# advice on installing equipment grounding bar in main panel



## JohnJ0906 (Mar 18, 2007)

I can't tell from the photo (might be the angle), but is there a screw, hopefully green, through the neutral/ground bar to the panel housing? There should be.
If so, you can screw the ground bar to the housing with no jumper, and put ground in the bar. You usually can put 2 grounds of the same size under the same screw, but check the chart that comes with the bar.
If you can find it, there should be a sticker somewhere with the permitted wire sizes in the panel. You might be able to double up grounds in the existing bar and free up enough spaces. Again, ONLY if the panel is rated for it, and only grounds of the same size.
Hope this helps.


----------



## JohnJ0906 (Mar 18, 2007)

Almost forgot -Don't move the neutral wires with the power on!

It would be best to do NOTHING AT ALL with power on.


----------



## Speedy Petey (Feb 1, 2004)

Those later QO panels were rated for 2 or 3 grounds per hole. The old ones with the little clips under the screws were different.

SHUT OFF THE MAIN BREAKER and then you can move some grounds together. If you stay with two per hole you will be fine. 
REMEMBER, the grounds MUST be of the same size to share a hole.


----------



## pacifier1er (May 29, 2007)

John,

Thanks so much. 

Also thanks for the word of caution. I have been warned a few times that current flows through the neutral back to its source and can shock you just as bad.

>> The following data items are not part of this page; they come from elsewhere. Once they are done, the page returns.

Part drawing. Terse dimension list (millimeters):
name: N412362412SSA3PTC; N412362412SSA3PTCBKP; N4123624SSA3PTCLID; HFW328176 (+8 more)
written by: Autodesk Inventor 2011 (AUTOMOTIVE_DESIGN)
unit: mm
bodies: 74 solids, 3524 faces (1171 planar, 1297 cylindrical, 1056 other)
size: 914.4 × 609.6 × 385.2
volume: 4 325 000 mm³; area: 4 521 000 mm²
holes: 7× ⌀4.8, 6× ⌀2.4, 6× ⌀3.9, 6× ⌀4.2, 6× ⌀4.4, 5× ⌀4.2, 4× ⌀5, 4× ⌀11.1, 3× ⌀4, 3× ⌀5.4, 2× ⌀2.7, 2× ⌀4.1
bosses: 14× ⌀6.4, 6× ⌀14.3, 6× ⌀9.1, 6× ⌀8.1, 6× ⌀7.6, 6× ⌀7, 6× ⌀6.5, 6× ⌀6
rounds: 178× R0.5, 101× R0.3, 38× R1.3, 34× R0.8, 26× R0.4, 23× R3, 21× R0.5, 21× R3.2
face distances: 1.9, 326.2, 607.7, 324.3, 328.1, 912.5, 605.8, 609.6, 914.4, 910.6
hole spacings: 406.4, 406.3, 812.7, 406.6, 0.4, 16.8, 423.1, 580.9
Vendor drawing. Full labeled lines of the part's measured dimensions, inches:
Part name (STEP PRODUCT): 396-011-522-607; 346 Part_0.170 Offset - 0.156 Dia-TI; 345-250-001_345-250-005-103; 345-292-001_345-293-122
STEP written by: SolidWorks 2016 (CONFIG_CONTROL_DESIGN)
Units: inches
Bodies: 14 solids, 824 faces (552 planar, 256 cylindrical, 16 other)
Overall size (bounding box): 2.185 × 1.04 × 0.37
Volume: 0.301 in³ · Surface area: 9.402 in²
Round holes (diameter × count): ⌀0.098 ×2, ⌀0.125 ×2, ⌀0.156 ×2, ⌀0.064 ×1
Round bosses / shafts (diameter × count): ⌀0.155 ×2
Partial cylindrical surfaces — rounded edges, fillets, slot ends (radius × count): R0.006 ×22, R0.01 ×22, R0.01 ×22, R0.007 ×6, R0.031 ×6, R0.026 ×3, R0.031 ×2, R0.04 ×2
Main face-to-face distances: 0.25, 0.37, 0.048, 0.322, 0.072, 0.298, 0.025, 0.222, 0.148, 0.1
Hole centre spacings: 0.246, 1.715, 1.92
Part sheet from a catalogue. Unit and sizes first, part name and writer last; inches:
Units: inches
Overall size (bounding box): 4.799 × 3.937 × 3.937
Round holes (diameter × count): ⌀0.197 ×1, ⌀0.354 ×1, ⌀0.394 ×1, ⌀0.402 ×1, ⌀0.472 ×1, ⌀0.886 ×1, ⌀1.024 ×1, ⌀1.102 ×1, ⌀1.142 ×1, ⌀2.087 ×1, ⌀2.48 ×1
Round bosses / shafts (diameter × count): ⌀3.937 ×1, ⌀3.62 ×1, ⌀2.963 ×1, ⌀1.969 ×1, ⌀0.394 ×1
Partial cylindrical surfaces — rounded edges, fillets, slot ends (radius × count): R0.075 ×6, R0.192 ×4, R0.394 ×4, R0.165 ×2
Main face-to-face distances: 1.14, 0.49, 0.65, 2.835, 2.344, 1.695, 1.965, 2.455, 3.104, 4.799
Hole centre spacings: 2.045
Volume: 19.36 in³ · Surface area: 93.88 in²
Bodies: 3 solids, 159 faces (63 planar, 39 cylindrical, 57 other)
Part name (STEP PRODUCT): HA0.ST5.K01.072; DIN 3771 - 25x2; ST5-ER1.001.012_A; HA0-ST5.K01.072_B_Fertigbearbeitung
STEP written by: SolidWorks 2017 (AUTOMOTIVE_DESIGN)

I think the bar is bonded to the panel, but I couldn't see myself. If there is a screw it is hidden. Would it be reliable to check the voltage from the hot to the case to check if the panel is grounded. If it reads 120 Volts would it mean the case was grounded?

Also would the resistance of the case cause any issues with the new grounding bar? I have always seen something bonding the grounding bar to the neutral bar before, and figured this was to create a low resistance (path of least resistance) way to ground. Would feeding the neutral into the enclosure make the enclosure part of the circuit? 

Thanks again for trying to clear this up for me, hopefully I am understanding everything.


----------



## johnny331 (May 29, 2007)

pacifier1er said:


> Would it be reliable to check the voltage from the hot to the case to check if the panel is grounded. If it reads 120 Volts would it mean the case was grounded?


use the continuity function on your multimeter (with the power off) that will give you a resistance measurement of ohms. 0-ohms means no resistance, which is a good connection.


----------